• **TASK DETAILS**: Throughout the records below, find each line holding "Engineering" and copy it.

======== DATA ========

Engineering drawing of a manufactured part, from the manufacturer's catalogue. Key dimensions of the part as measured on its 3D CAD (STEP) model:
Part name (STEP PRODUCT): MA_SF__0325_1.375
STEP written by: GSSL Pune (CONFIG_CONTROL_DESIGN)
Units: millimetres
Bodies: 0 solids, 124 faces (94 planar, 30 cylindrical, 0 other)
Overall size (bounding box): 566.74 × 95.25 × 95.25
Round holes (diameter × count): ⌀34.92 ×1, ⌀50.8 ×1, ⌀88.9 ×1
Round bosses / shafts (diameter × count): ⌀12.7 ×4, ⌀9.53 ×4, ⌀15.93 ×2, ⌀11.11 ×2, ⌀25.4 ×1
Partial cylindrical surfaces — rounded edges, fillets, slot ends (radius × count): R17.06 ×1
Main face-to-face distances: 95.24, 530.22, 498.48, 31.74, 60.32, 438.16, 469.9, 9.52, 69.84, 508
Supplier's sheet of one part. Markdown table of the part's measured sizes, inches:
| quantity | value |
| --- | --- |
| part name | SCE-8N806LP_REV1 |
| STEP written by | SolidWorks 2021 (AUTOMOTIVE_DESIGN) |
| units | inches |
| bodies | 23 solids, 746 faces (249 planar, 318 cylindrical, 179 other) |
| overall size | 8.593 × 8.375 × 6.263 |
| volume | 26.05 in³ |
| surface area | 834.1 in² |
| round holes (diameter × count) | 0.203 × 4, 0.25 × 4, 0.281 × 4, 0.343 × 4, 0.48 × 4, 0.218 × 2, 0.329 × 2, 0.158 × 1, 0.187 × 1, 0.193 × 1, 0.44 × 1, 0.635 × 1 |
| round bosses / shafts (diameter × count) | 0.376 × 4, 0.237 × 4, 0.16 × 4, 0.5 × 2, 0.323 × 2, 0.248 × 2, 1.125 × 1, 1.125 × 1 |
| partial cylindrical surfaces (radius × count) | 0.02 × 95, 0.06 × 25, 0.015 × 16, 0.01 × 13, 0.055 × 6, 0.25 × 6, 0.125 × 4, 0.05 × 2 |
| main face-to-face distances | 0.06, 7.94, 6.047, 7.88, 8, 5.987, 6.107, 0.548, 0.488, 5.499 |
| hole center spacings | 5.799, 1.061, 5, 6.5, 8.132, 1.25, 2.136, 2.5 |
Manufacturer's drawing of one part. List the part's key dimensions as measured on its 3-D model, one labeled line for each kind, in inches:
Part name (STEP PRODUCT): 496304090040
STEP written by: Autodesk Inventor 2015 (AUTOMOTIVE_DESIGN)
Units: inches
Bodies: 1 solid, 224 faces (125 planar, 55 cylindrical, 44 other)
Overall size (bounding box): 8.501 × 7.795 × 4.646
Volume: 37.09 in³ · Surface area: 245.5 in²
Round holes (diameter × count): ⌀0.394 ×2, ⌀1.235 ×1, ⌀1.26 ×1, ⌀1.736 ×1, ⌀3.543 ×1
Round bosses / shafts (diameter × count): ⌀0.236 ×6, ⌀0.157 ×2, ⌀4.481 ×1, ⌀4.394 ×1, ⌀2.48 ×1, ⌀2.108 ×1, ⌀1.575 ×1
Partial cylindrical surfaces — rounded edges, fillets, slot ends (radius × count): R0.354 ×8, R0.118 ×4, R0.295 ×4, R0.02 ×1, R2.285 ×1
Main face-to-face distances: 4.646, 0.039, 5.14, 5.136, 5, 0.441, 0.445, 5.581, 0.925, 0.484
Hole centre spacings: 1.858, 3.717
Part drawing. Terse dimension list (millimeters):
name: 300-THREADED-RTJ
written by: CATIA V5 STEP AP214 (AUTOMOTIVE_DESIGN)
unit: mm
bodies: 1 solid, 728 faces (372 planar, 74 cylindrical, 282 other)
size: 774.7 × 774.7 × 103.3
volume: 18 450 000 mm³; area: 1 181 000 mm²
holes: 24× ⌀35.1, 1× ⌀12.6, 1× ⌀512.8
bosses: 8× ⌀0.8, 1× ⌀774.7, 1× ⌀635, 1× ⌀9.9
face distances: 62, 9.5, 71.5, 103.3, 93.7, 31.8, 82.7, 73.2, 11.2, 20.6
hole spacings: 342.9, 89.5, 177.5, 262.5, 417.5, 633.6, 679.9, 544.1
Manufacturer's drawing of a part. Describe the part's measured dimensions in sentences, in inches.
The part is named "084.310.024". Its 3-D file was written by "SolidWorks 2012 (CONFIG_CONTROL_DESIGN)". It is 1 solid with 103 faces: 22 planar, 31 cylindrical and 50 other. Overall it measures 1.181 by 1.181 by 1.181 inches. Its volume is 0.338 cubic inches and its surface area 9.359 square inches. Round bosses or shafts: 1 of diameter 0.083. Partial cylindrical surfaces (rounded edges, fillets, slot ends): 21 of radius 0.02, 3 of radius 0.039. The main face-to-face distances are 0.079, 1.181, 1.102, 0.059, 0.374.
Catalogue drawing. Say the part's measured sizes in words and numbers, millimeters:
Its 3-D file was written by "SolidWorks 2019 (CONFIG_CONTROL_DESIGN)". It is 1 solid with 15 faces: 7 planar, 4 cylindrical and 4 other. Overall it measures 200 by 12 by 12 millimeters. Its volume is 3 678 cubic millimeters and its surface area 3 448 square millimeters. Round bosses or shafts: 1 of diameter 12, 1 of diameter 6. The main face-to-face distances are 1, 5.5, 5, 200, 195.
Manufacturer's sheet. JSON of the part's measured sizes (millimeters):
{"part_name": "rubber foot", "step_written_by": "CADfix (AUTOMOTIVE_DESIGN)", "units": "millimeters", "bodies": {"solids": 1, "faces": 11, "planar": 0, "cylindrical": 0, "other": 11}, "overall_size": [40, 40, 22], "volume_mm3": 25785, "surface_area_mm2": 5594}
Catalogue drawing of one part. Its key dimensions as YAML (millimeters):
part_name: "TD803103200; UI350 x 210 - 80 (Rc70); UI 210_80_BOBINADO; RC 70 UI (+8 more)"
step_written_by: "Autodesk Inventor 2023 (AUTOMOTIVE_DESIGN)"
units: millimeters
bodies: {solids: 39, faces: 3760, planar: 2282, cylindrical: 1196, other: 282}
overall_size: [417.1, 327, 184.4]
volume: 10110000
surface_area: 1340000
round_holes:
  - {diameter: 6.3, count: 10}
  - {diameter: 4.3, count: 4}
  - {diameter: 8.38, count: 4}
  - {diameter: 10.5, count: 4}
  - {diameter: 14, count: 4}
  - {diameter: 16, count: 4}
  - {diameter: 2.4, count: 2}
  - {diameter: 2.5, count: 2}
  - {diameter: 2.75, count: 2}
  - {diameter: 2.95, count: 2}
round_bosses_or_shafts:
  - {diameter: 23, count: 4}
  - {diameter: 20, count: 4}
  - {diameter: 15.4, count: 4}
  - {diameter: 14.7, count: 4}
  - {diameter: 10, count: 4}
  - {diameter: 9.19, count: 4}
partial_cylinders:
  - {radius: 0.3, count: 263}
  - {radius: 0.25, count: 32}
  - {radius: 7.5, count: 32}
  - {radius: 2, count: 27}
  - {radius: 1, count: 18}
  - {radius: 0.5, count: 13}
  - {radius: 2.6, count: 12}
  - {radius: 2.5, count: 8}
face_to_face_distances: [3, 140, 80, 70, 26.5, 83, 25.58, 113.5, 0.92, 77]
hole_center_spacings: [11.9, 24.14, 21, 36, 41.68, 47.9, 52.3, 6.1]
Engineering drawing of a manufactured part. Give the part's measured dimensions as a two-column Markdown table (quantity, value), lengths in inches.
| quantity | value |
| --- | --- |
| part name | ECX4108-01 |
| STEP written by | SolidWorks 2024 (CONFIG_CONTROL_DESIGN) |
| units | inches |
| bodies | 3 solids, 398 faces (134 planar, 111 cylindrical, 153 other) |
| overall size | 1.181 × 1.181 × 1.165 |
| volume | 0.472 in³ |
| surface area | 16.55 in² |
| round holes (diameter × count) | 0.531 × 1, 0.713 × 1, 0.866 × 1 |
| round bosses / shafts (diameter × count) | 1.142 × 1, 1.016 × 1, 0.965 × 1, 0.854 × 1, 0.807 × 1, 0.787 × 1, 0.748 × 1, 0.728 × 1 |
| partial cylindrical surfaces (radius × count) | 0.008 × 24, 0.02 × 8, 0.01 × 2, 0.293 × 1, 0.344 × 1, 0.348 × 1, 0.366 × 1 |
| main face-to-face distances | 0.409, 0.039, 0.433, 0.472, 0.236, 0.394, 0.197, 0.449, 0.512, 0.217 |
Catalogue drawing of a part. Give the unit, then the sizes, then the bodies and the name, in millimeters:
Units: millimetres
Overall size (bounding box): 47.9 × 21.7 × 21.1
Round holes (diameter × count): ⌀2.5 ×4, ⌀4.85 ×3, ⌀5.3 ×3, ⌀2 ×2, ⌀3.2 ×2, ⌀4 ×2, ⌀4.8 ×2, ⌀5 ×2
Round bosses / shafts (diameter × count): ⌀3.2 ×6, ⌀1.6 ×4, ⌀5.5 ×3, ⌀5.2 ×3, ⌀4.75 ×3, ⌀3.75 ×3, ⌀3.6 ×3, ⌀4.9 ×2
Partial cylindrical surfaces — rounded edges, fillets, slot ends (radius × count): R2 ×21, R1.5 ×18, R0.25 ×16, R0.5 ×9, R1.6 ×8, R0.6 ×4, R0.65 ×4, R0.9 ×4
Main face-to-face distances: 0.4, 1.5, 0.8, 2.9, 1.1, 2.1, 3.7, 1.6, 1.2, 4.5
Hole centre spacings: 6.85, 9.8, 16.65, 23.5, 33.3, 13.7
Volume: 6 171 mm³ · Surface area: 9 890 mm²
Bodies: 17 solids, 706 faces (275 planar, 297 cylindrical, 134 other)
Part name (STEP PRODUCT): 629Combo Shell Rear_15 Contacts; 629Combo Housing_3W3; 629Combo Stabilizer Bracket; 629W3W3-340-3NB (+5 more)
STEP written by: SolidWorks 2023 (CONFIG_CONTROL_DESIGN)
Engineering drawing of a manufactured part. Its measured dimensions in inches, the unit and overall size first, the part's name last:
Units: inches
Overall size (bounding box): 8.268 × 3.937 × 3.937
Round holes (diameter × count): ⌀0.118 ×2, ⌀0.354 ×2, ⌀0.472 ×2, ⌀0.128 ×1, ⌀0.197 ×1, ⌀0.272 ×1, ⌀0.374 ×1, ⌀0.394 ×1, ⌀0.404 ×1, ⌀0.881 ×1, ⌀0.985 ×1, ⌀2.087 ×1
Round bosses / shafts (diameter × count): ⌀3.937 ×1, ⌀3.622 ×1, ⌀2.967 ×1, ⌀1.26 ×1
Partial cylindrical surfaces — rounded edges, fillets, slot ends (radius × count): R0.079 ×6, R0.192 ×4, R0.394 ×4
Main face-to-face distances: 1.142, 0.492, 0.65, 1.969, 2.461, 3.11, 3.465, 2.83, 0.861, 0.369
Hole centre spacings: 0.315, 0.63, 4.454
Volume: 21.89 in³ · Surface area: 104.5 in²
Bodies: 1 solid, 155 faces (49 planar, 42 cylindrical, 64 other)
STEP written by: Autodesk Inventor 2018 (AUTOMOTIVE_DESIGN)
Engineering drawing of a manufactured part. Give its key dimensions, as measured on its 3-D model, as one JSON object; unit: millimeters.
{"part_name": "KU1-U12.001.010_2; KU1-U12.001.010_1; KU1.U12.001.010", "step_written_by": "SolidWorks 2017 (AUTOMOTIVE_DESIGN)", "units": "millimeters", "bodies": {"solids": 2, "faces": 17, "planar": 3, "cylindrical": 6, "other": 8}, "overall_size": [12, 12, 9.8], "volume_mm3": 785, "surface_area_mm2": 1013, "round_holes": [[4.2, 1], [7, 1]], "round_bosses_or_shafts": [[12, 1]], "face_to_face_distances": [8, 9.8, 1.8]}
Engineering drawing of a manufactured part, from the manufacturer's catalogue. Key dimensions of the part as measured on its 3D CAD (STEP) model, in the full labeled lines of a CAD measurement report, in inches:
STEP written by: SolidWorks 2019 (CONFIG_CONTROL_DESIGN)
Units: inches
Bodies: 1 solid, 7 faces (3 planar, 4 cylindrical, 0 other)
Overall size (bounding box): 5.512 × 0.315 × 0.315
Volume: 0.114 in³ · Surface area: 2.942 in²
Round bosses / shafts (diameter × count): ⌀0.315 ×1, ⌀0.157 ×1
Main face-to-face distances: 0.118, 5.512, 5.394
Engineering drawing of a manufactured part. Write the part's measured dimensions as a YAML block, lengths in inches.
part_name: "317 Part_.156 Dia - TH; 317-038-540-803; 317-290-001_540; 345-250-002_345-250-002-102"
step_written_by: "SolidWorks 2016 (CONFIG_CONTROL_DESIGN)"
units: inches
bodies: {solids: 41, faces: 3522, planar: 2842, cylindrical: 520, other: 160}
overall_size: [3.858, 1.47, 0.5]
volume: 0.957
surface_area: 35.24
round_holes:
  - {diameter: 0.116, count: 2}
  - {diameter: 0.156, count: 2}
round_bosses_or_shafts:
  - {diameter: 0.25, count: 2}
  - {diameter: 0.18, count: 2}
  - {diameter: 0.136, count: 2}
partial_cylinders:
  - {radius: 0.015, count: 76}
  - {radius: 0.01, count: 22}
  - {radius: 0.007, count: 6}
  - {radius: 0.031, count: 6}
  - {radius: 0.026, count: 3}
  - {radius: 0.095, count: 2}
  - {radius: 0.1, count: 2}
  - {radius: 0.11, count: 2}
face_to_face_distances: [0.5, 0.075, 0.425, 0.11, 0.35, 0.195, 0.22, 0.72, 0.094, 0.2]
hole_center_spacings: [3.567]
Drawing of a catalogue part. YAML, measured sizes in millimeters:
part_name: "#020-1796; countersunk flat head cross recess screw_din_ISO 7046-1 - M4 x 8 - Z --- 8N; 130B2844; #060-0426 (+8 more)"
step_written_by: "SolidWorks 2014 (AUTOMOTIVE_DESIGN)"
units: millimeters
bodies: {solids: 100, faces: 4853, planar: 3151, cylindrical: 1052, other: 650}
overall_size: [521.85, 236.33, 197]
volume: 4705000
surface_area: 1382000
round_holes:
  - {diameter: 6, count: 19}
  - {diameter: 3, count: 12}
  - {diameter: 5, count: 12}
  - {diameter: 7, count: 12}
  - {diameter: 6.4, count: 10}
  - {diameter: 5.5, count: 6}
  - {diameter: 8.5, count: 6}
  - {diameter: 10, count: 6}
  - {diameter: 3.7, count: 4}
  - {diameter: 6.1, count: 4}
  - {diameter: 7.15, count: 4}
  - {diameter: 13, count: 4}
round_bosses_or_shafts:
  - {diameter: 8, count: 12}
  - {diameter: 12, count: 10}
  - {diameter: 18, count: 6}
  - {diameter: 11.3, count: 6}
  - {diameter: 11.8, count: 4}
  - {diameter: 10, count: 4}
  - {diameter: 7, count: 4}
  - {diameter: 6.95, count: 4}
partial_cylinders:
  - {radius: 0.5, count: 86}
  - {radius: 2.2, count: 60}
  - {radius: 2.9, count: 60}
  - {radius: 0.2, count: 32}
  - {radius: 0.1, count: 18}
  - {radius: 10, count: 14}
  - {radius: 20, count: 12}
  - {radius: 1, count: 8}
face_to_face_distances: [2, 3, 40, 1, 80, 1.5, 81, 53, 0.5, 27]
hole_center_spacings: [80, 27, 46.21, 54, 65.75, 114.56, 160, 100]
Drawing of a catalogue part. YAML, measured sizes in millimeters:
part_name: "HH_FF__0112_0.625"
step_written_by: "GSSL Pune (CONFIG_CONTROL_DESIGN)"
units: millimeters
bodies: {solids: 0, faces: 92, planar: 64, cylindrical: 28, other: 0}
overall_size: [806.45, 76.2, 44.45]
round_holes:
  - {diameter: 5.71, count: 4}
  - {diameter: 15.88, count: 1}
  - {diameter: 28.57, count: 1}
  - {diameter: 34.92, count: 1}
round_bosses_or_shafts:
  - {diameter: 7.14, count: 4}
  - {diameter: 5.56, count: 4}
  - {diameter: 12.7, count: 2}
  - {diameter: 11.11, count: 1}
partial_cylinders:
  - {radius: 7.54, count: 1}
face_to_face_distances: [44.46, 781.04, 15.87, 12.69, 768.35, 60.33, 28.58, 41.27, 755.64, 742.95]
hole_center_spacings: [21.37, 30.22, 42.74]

========

• **ANSWER SECTION**:
Engineering drawing of a manufactured part, from the manufacturer's catalogue. Key dimensions of the part as measured on its 3D CAD (STEP) model:
Engineering drawing of a manufactured part. Give the part's measured dimensions as a two-column Markdown table (quantity, value), lengths in inches.
Engineering drawing of a manufactured part. Its measured dimensions in inches, the unit and overall size first, the part's name last:
Engineering drawing of a manufactured part. Give its key dimensions, as measured on its 3-D model, as one JSON object; unit: millimeters.
Engineering drawing of a manufactured part, from the manufacturer's catalogue. Key dimensions of the part as measured on its 3D CAD (STEP) model, in the full labeled lines of a CAD measurement report, in inches:
Engineering drawing of a manufactured part. Write the part's measured dimensions as a YAML block, lengths in inches.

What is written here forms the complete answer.